L'OPERATO della Caritas italiana nei BALCANI

A cura di Marco Fantoni



Dall’inizio della guerra nel Kosovo, molte sono state le iniziative a sostegno, principalmente da parte delle grandi organizzazioni e anche di piccoli gruppi di realtà locali.
Caritas Ticino ha, sin dall’inizio seguito l’operato e le raccomandazione della Caritas Italiana, che funge da coordinatrice delle Caritas Intenationalis in
Albania, sul comportamento da tenere in situazioni come questa. Riportiamo di seguito queste raccomandazioni ed il tipo di operato svolto, sottolineando come già da diversi anni la Caritas Italiana è presente con progetti di riabilitazione e sviluppo in collaborazione con le Caritas Nazionali e locali.

La filosofia generale di intervento nella fase di aiuto elaborata da Caritas Italiana su indicazione di Caritas Albania.

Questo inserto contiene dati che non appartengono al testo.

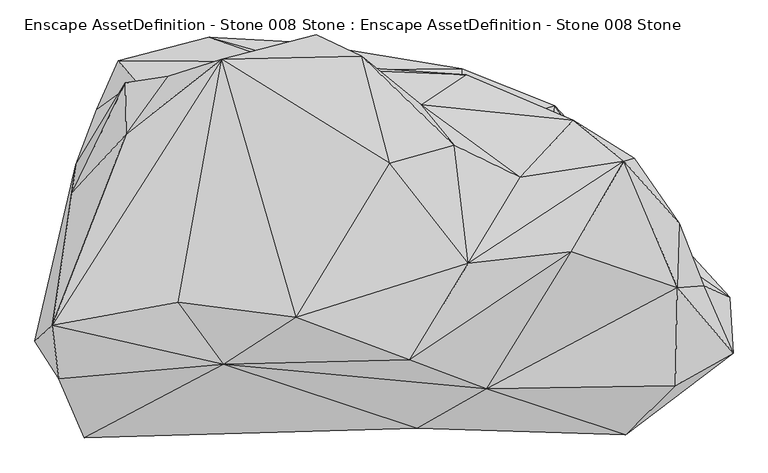
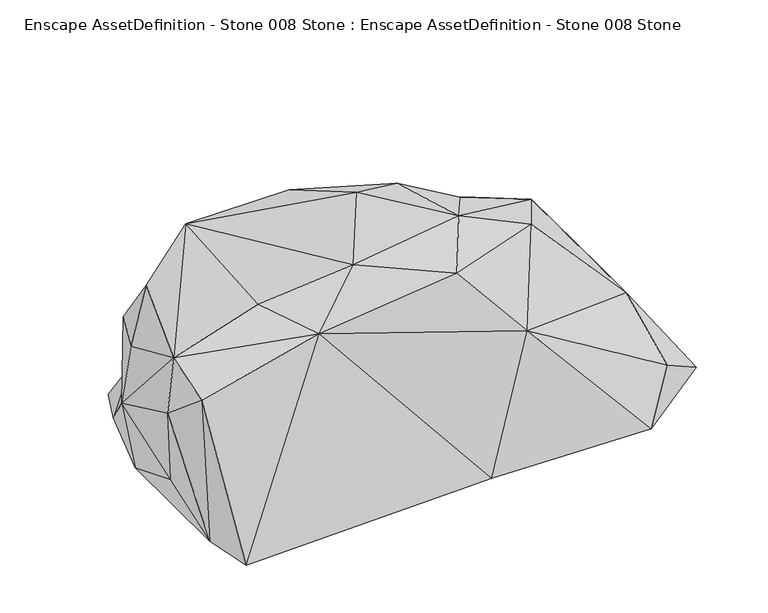
"""IFC4 building model written with IfcOpenShell, lengths in millimetres: geographic element geometry, Enscape AssetDefinition - Stone 008 Stone : Enscape AssetDefinition - Stone 008 Stone."""

from ifc_helpers import new_model, si_unit, origin, place, context, project, spatial, faceted_brep, source, transform, mapped, element, save


def enscape_assetdefinition_stone_008_stone_enscape_24533d0f(model_context):
    return source(origin(), model_context, "Body", "Brep", [
        faceted_brep([(674.4772792, 188.1209314, 142.7758336), (1035.7327461, 8.9201359, 108.4343269), (705.4293752, 497.0492125, 9.8005356), (997.1603155, 302.5434315, 403.4194052), (1162.8789902, 63.3667782, 307.4120581), (1253.1027794, -166.4617509, 132.1936697), (1349.0210772, -208.1131637, 6.9734799), (358.8430882, 390.0140226, 146.3160366), (377.8702021, 610.8905673, 436.6148412), (958.5034251, 293.037504, 588.9674425), (772.0807195, 443.9393878, 571.6524124), (1155.1955938, -174.3785888, 316.583544), (1361.7579937, -414.6891236, 4.4628736), (966.4069414, -714.6763802, 5.4843184), (1148.0065584, -535.101831, 161.3812745), (454.9190998, -545.4375148, 589.6245837), (765.6313181, -41.1196649, 728.256464), (197.4091679, -690.6881928, 2.2398918), (-514.082849, -456.0222328, 858.2776785), (170.5874205, -438.8919473, 922.1434593), (385.2636814, -83.5196525, 931.4427376), (-247.4171519, -282.6159894, 1018.4793472), (576.8572688, 233.5522175, 768.9470053), (335.1638615, 351.0840833, 853.2254696), (97.4461734, 284.5808566, 931.3715696), (213.0276859, 499.7121692, 607.2036028), (-6.4782458, 678.3997416, 740.2927279), (-523.0283737, 667.5286889, 753.1849146), (-682.7530861, -228.3637375, 932.9548478), (-874.7516274, 392.5074339, 724.0793109), (-1147.2679377, -313.0920827, 869.5514202), (-173.4227836, 757.5678229, 583.3979845), (-719.4939852, 606.0778499, 573.5012889), (-121.4118823, 631.9727302, 438.7468398), (-477.7078629, 640.0285363, 443.1231916), (-877.9751062, 580.4912448, 445.3162253), (-1074.303627, 173.3499914, 609.6158624), (-1061.0442162, 279.8386514, 242.5745577), (-839.9647474, 586.9014859, 173.4158546), (-312.4943078, 658.5144997, 220.8529711), (-903.9554596, 662.9179716, 4.3747872), (-983.217001, 483.1243753, 17.7407339), (-570.9864497, 749.253273, 0.3116064), (-136.2574697, 627.3009181, 146.1777389), (-233.8543534, 731.0650349, 7.1665621), (362.7277911, 632.3495507, 5.9714052), (-1086.7136717, 120.3676835, 13.3715561), (-1058.6297512, -132.5317025, 94.683297), (-1091.7432308, -525.1657367, 26.3983011), (-1029.1792154, -726.3221741, 1.9205989), (-1210.739255, -371.0243106, 639.5069957), (-1122.2990751, -508.4093809, 759.0334415)], [[[0, 1, 2]], [[3, 4, 1]], [[4, 5, 1]], [[1, 5, 6]], [[3, 1, 0]], [[2, 1, 6]], [[0, 2, 7]], [[7, 8, 0]], [[0, 8, 3]], [[3, 9, 4]], [[10, 3, 8]], [[3, 10, 9]], [[9, 11, 4]], [[4, 11, 5]], [[12, 5, 11]], [[12, 6, 5]], [[13, 2, 6]], [[13, 6, 12]], [[12, 11, 14]], [[12, 14, 13]], [[11, 15, 14]], [[16, 15, 11]], [[11, 9, 16]], [[14, 15, 13]], [[13, 15, 17]], [[13, 17, 2]], [[18, 15, 19]], [[16, 19, 15]], [[18, 17, 15]], [[16, 20, 19]], [[16, 9, 20]], [[21, 19, 20]], [[21, 18, 19]], [[9, 22, 20]], [[20, 22, 23]], [[20, 23, 24]], [[24, 21, 20]], [[10, 22, 9]], [[23, 22, 25]], [[25, 22, 10]], [[23, 26, 24]], [[25, 26, 23]], [[27, 21, 24]], [[27, 24, 26]], [[27, 28, 21]], [[18, 21, 28]], [[27, 29, 30]], [[27, 26, 31]], [[31, 32, 27]], [[27, 30, 28]], [[27, 32, 29]], [[26, 25, 31]], [[31, 25, 33]], [[34, 32, 31]], [[33, 34, 31]], [[32, 34, 35]], [[32, 35, 29]], [[29, 36, 30]], [[29, 35, 36]], [[35, 37, 36]], [[38, 37, 35]], [[38, 35, 34]], [[38, 34, 33]], [[25, 8, 33]], [[39, 38, 33]], [[8, 39, 33]], [[38, 40, 41]], [[37, 38, 41]], [[39, 40, 38]], [[39, 42, 40]], [[8, 43, 39]], [[42, 39, 43]], [[10, 8, 25]], [[43, 8, 7]], [[44, 43, 45]], [[44, 42, 43]], [[45, 43, 7]], [[42, 46, 41]], [[42, 41, 40]], [[46, 42, 44]], [[41, 46, 37]], [[47, 46, 48]], [[47, 37, 46]], [[46, 44, 17]], [[17, 48, 46]], [[17, 44, 45]], [[7, 2, 45]], [[17, 45, 2]], [[48, 17, 49]], [[18, 49, 17]], [[50, 48, 51]], [[47, 48, 50]], [[51, 48, 49]], [[37, 47, 50]], [[50, 51, 30]], [[50, 30, 37]], [[36, 37, 30]], [[18, 28, 30]], [[51, 18, 30]], [[49, 18, 51]]]),
    ])


if __name__ == "__main__":
    model = new_model("IFC4")
    model_context = context("Model", 3, world=origin())
    ifc_project = project(units=[si_unit("LENGTHUNIT", "METRE", prefix="MILLI")], contexts=[model_context])
    site = spatial("IfcSite", under=ifc_project)
    building = spatial("IfcBuilding", under=site)
    placement = place(None, origin())
    enscape_assetdefinition_stone_008_stone_enscape_shape = enscape_assetdefinition_stone_008_stone_enscape_24533d0f(model_context)
    element("IfcGeographicElement", 1, ObjectType="Enscape AssetDefinition - Stone 008 Stone : Enscape AssetDefinition - Stone 008 Stone", at=placement, inside=building, context=model_context, shape_type="MappedRepresentation", body=[
        mapped(enscape_assetdefinition_stone_008_stone_enscape_shape, transform((0.0, 0.0, 0.0), x_axis=(1.0, 0.0, 0.0), y_axis=(0.0, 1.0, 0.0), z_axis=(0.0, 0.0, 1.0))),
    ])
    save(model, "model.ifc")

# Revit data of these elements
# Type "Enscape AssetDefinition - Stone 008 Stone : Enscape AssetDefinition - Stone 008 Stone"
#   EnscapeAssetSource = "REMOTE"
#   EnscapeAssetId = "21c0a78a-166e-4c5c-8e35-d18d7a930555"
#   Height = 1.018479 m
#   EnscapeNativeAssetHeight = 1.018479 m
#   Default Elevation = 0

La logica di intevento è basata sull’aiuto mirato alla persone laddove si trovano e laddove riescono a trovare rifugio non necessariamente in "campi" organizzati. Si adotta il concetto di Aree di Accoglienza nelle quali si attivano tutte le iniziative che si differenzino tra loro secondo le necessità e secondo le possibilità degli operatori della Chiesa locale.
La precarietà delle situazioni, delle presenze dei profughi fa prediligere l’intervento il più flessibile possibile per essere pronti a identificare nuove necessità secondo il variare delle condizioni e del numero dei profughi.
C’è la necessità di pensare a tempi lunghi, ad una presenza Caritas che dall’aiuto d’urgenza attuale passi ad un sostegno e un accompagnamento nella vita quotidiana dei profughi fino all’auspicabile rientro.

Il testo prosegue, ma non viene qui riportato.